I took a second to consider this before I dismissed the possibility out of hand, “Who are the Lord and the Lady? Ghosts?”

“No, they’re not ghosts. They’re faerie folk. Elves. I don’t know much about them other than they live here in the wood. They have forever-like. They knew my Grandparents and theirs before them and so on.” He seemed a bit tired as he flipped the page of a textbook, “Don’t look at me like that, Sil!
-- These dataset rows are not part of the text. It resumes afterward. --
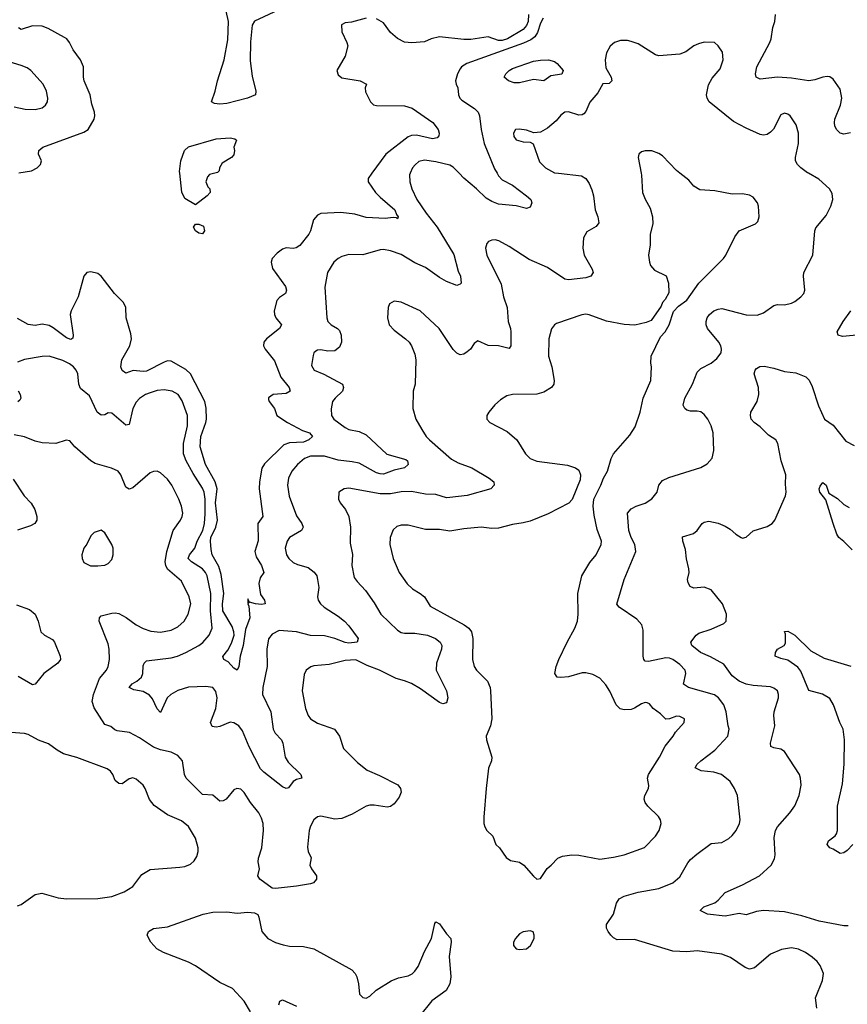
# Model space of a CAD drawing. Header units: inches. Extents: x 1682530 to 1839546, y 640742 to 791647.
# Tile 686 of 923: x 1793622 to 1798371, y 715233 to 720881. Entities that reach past the tile are written whole.
import ezdxf

# ---------------------------------------------------------------- set-up
doc = ezdxf.new("R2010")
doc.units = ezdxf.units.IN
doc.header["$MEASUREMENT"] = 0
doc.layers.add('B7791', color=7, linetype='Continuous')
doc.layers.add('B7792', color=7, linetype='Continuous')

msp = doc.modelspace()

# ---------------------------------------------------------------- linework, layer by layer
at = {"layer": 'B7791', "color": 5}
for points, elevation in [([(1796714.4, 720000), (1796845.3, 719985.2), (1796870.2, 719970.2), (1796890, 719941.6), (1796904.3, 719904.3), (1796913.7, 719870), (1796924.7, 719790), (1796939, 719750), (1796944.7, 719715.3), (1796930, 719694), (1796876.9, 719663.1), (1796857.6, 719630), (1796854, 719570), (1796860.3, 719530), (1796906.7, 719450), (1796913, 719430), (1796898.8, 719410), (1796870, 719399.7), (1796770, 719388.4), (1796750, 719392.4), (1796650, 719459.8), (1796545.6, 719505.6), (1796430, 719580.5), (1796371.4, 719611.4), (1796350, 719617.8), (1796330, 719616.8), (1796312.2, 719607.8), (1796303.1, 719596.9), (1796294.7, 719570), (1796301.5, 719530), (1796383.9, 719363.9), (1796397.2, 719290), (1796419.8, 719230), (1796423.8, 719150), (1796438.8, 719110), (1796440.8, 719090), (1796439.5, 719010), (1796430, 718994.5), (1796368.7, 719010), (1796310, 719012.3), (1796250, 719038), (1796230, 719022.7), (1796208.8, 718991.2), (1796190, 718974.5), (1796170, 718962.9), (1796150, 718958.4), (1796130, 718967.3), (1796110, 718989.4), (1796029.3, 719110), (1795919, 719210), (1795810, 719259.5), (1795770, 719266), (1795744, 719250), (1795736.3, 719230), (1795732.7, 719170), (1795742.4, 719130), (1795770, 719099.1), (1795836, 719050), (1795856, 719030), (1795870.5, 719010.5), (1795890, 718962), (1795894.4, 718930), (1795890.5, 718790), (1795879.1, 718750), (1795877.3, 718650), (1795895.5, 718590), (1795929, 718529), (1795954, 718490), (1795973.4, 718470), (1796100.4, 718360.4), (1796138, 718338), (1796216.3, 718310), (1796315.8, 718250), (1796342, 718230), (1796344.9, 718210), (1796324.9, 718190), (1796190, 718150.6), (1796090, 718139.1), (1796070, 718138.6), (1796010, 718156.8), (1795950, 718159.4), (1795870, 718174.2), (1795810, 718172.9), (1795750, 718160.6), (1795690, 718160.6), (1795510, 718193.5), (1795482.8, 718190), (1795452.7, 718170), (1795450.3, 718130), (1795460.3, 718110), (1795491.5, 718071.5), (1795510.2, 718030), (1795519.2, 717970), (1795517.2, 717877.2), (1795532.3, 717812.3), (1795527.8, 717750), (1795541.8, 717681.8), (1795558, 717658), (1795606, 717606), (1795655.9, 717535.9), (1795694.9, 717470), (1795790, 717378.5), (1795810, 717365.6), (1795830, 717361), (1795890, 717360.8), (1795962, 717350), (1796008.2, 717330), (1796033.7, 717310), (1796043.1, 717290), (1796042.3, 717270), (1796013.2, 717190), (1796012.4, 717150), (1796071.7, 717030), (1796079.3, 716990), (1796070, 716962), (1796050, 716956), (1796030, 716963.6), (1795922.4, 717042.4), (1795870, 717072.1), (1795830, 717089), (1795781.8, 717101.8), (1795685.6, 717150), (1795616.2, 717176.2), (1795550, 717208.4), (1795490, 717205.4), (1795397.8, 717182.2), (1795310, 717174), (1795291.4, 717168.6), (1795266, 717150), (1795254.7, 717125.3), (1795243.2, 717030), (1795260.9, 716930), (1795277, 716890), (1795290, 716870.5), (1795330, 716844.6), (1795427.7, 716810), (1795457.1, 716770), (1795479.3, 716699.3), (1795559.6, 716619.6), (1795615.8, 716575.8), (1795685.7, 716545.7), (1795790.9, 716490.9), (1795807.4, 716470), (1795810.2, 716450), (1795798.9, 716421.1), (1795770, 716382.9), (1795750, 716366.6), (1795730, 716363.1), (1795655.7, 716375.7), (1795630, 716374.8), (1795610, 716369), (1795530, 716322.4), (1795470, 716299), (1795430, 716294.7), (1795350, 716311), (1795330, 716308), (1795310, 716291.5), (1795290, 716254.5), (1795282.3, 716230), (1795273.8, 716133.8), (1795277, 716110), (1795293.3, 716073.3), (1795287, 716030), (1795295.8, 716010), (1795324.4, 715970), (1795325.5, 715950), (1795306.8, 715930), (1795290, 715923), (1795210, 715909.6), (1795090, 715897), (1795070, 715899.3), (1794999.5, 715950), (1794988, 715970), (1794997.4, 716010), (1794989.7, 716050.3), (1794991.1, 716070), (1795011, 716130), (1795020.7, 716230), (1795018.8, 716270), (1795010, 716299.5), (1794993.3, 716330), (1794946.9, 716390), (1794910, 716447), (1794890, 716467), (1794868.6, 716471.4), (1794850, 716463.7), (1794806, 716410), (1794790, 716399.7), (1794770, 716398.3), (1794730, 716432), (1794670, 716436.9), (1794576.4, 716530), (1794567.7, 716550), (1794555.4, 716630), (1794530, 716660.5), (1794490, 716679.1), (1794430, 716691.7), (1794390, 716706.8), (1794310, 716761.5), (1794251.8, 716791.8), (1794181.4, 716801.5), (1794166.9, 716806.9), (1794145.6, 716825.6), (1794110, 716837), (1794050, 716932.8), (1794037.3, 716970), (1794044.5, 717010), (1794078.9, 717101.1), (1794119.3, 717150), (1794128.9, 717170), (1794136.2, 717210), (1794135.7, 717270), (1794130, 717300.9), (1794077.7, 717430), (1794080.5, 717450), (1794090, 717461.3), (1794150, 717476.2), (1794170, 717478), (1794190, 717473.5), (1794232, 717452), (1794290.4, 717410), (1794330, 717388), (1794373.6, 717373.6), (1794430, 717367.3), (1794490, 717379.7), (1794530, 717398.5), (1794566, 717430), (1794588.8, 717470), (1794603.1, 717530), (1794594.2, 717570), (1794550, 717659.7), (1794469.4, 717729.4), (1794459.5, 717750), (1794457.1, 717770), (1794466.4, 717830), (1794502.2, 717950), (1794545.4, 718010), (1794554.7, 718030), (1794557.2, 718050), (1794549.7, 718090), (1794534.7, 718130), (1794494.5, 718210), (1794470, 718244.2), (1794430, 718280.5), (1794410, 718291.6), (1794390, 718289.7), (1794370, 718281.1), (1794270, 718194.7), (1794250, 718187.8), (1794230, 718199.5), (1794201.3, 718270), (1794186.6, 718290), (1794148.5, 718308.5), (1794055.3, 718335.3), (1794030, 718349.8), (1793938, 718430), (1793910, 718464), (1793888.9, 718468.9), (1793830, 718449.5), (1793750, 718454), (1793710, 718463.6), (1793650, 718488.2), (1793590, 718499.8)], 560), ([(1795643.1, 720000), (1795621.3, 719970), (1795621.5, 719950), (1795663.8, 719890), (1795690, 719861.6), (1795774.2, 719790), (1795783.4, 719763.4), (1795793, 719750), (1795790, 719738), (1795784, 719744), (1795765.4, 719745.4), (1795718.9, 719741.1), (1795610, 719746), (1795544.3, 719764.3), (1795465.1, 719774.9), (1795350, 719768.3), (1795330, 719758.7), (1795307.9, 719732.1), (1795290.4, 719670), (1795280.5, 719650), (1795230, 719584.5), (1795208.7, 719571.3), (1795190, 719568), (1795150, 719571.1), (1795130, 719564.7), (1795098.4, 719541.6), (1795070.2, 719509.8), (1795064.9, 719490), (1795073.3, 719453.3), (1795146.3, 719350), (1795153.6, 719330), (1795146.7, 719310), (1795113, 719287), (1795098, 719270), (1795082.8, 719210), (1795083.1, 719190), (1795091.8, 719170), (1795124.9, 719130), (1795112.4, 719110), (1795037, 719050), (1795022, 719030), (1795021.1, 719010), (1795030.3, 718990), (1795083.4, 718923.4), (1795119.8, 718830), (1795167.2, 718770), (1795174.4, 718750), (1795150, 718736.9), (1795076, 718730), (1795048.9, 718711.1), (1795050, 718702), (1795053, 718690), (1795083.8, 718650), (1795097.1, 718610), (1795158, 718570), (1795244.1, 718524.1), (1795285.5, 718510), (1795302, 718490), (1795281.5, 718470), (1795250, 718457.7), (1795170, 718454), (1795138.1, 718441.9), (1795026.8, 718333.2), (1795012, 718308), (1794997.9, 718230), (1794996.2, 718190), (1795016.5, 718030), (1794988, 717990), (1794989.6, 717890.4), (1794971.7, 717830), (1794978.9, 717798.9), (1795008.9, 717750), (1795022.4, 717710), (1795001.2, 717678.8), (1794993.4, 717646.6), (1795004.3, 717584.3), (1795026.4, 717550), (1795030.7, 717530), (1795010, 717525.8), (1794974, 717530), (1794940.2, 717540.2), (1794930, 717558), (1794930, 717534), (1794938, 717538), (1794931.1, 717528.9), (1794936.7, 717516.7), (1794942.8, 717450), (1794916.9, 717383.1), (1794903.2, 717290), (1794887.6, 717230), (1794878.7, 717170), (1794870, 717149.2), (1794850, 717160.9), (1794817.2, 717197.2), (1794793.2, 717210), (1794787.3, 717227.3), (1794816.2, 717263.8), (1794836.6, 717303.4), (1794852, 717350), (1794850.9, 717369.1), (1794840.5, 717400.5), (1794788.1, 717490), (1794785.1, 717530), (1794793.5, 717590), (1794777.7, 717697.7), (1794763.7, 717743.7), (1794726.8, 717810), (1794721.3, 717841.3), (1794716, 717890), (1794718.6, 717910), (1794747.1, 717970), (1794756.8, 718010), (1794745.1, 718110), (1794754.7, 718190), (1794743.7, 718230), (1794688.5, 718330), (1794658, 718430), (1794661, 718490), (1794689.9, 718569.9), (1794693.1, 718590), (1794691.4, 718651.4), (1794683.6, 718690), (1794602.4, 718850), (1794574.7, 718874.7), (1794490, 718921.1), (1794470, 718923.1), (1794450, 718916.8), (1794350, 718864.1), (1794330, 718861.6), (1794272.5, 718867.5), (1794230, 718852.1), (1794210, 718868.3), (1794202.3, 718890), (1794208.7, 718930), (1794253.1, 719010), (1794263.2, 719050), (1794259.1, 719079.1), (1794231.9, 719170), (1794231.4, 719230), (1794217.5, 719257.5), (1794166.2, 719310), (1794090, 719409.7), (1794070, 719424.2), (1794030, 719434.5), (1794006.8, 719430), (1793990.4, 719409.6), (1793956.9, 719290), (1793916.6, 719210), (1793911.7, 719190), (1793929.2, 719070.8), (1793926.3, 719053.7), (1793914.8, 719045.2), (1793890, 719055.3), (1793813.3, 719113.3), (1793790, 719125.9), (1793750, 719133.4), (1793710, 719127.1), (1793670, 719131.6), (1793610, 719166.3)], 520), ([(1795863.1, 720000), (1795858.7, 719990), (1795859.6, 719950), (1795871.3, 719910), (1795900.8, 719850), (1795954.2, 719770), (1796017.5, 719690), (1796113.7, 719533.7), (1796138.4, 719438.4), (1796150.2, 719409.8), (1796154.4, 719370), (1796150, 719362.7), (1796130, 719356.2), (1796070, 719379.3), (1796030, 719401.1), (1795950, 719459.8), (1795890, 719485.5), (1795810, 719532.9), (1795750, 719555.5), (1795710, 719561.4), (1795690, 719559.8), (1795590, 719530.9), (1795510, 719533.8), (1795470, 719522.7), (1795448.6, 719511.4), (1795424.2, 719490), (1795387.6, 719430), (1795373, 719347), (1795384.2, 719170), (1795390.3, 719150), (1795408.5, 719130), (1795445.5, 719110), (1795456.9, 719096.9), (1795466.5, 719070), (1795468.9, 719030), (1795457, 719003), (1795430, 718981.7), (1795390, 718978.5), (1795350, 718986.6), (1795330, 718985.6), (1795320.5, 718979.5), (1795310.3, 718969.7), (1795305.7, 718954.3), (1795296.7, 718896.7), (1795310.6, 718870), (1795367, 718847), (1795473.1, 718790), (1795479.6, 718770), (1795474, 718750), (1795431.5, 718710), (1795417.3, 718690), (1795408.9, 718648.9), (1795410.3, 718610), (1795424.9, 718590), (1795490, 718540.6), (1795510.5, 718530), (1795570, 718517.4), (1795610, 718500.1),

I’m not mad! I’ve known them my whole life. I’m actually surprised that you can hear them. Not everybody does. My parents never have. I hear them like you do mostly and can’t make anything out they say, but they’ve spoken to me twice since Grandpaddy gave me the shard.”

“The what?”

“The shard. It’s a little piece of wood, longer and thicker than a sliver. Grandpaddy’s Grandpaddy gave it to Grandpaddy when he was a boy to keep. One day he gave it to me.”

“Why?”

“Because the Lord told him to. Or so he said. Nana gave me something else, too.”

“What?”

“That ring you’re wearing.”

“My wedding ring?”

He nodded, “There’s a story behind it. The Lady gave it to Nana and told her to keep it for her grandson, the Boy from the Olive Tree, whose love would have hair the colour of autumn flames and eyes like blue ice.” He twisted his bottom lip, “When my parents called me Oliver, she figured the Lady must have meant me. Just before they died she gave it to me and told me the story.”

It was an emerald ring set high in an odd design and very old. It was a beautiful ring and probably quite expensive.

“You were very young, weren’t you?”

“Oh, aye, I was just a kid. Mind there was something in the way she explained it that made me know it was a treasure, so I put the ring up and kept it safe until I gave it to you.” He looked at me a long time, “I knew it was you the ring was meant for as soon as I laid my eyes on you. Hair the colour of autumn flames and eyes like blue ice. Nana told me the Lady had said that, those words exaxtly. Plus the second you said you were Just Silvia Cotton I knew for certain I was hopelessly in love with you.”

We smiled at each other, remembering that moment.

“What did the Lord and the Lady tell you when they spoke?”

Oliver sighed. He looked at me for a long time before he spoke, obviously deciding what information he was going to share, “The first time they told me that they’d chosen me to protect the wood. They asked me if I’d honour the promise of my forefathers and keep it safe for them and the creatures that live here. I said yes.”

“And the second time?”

“What they told me they said you wouldn’t understand until you were ready. They told me not to tell you because you have to understand it in your own time.”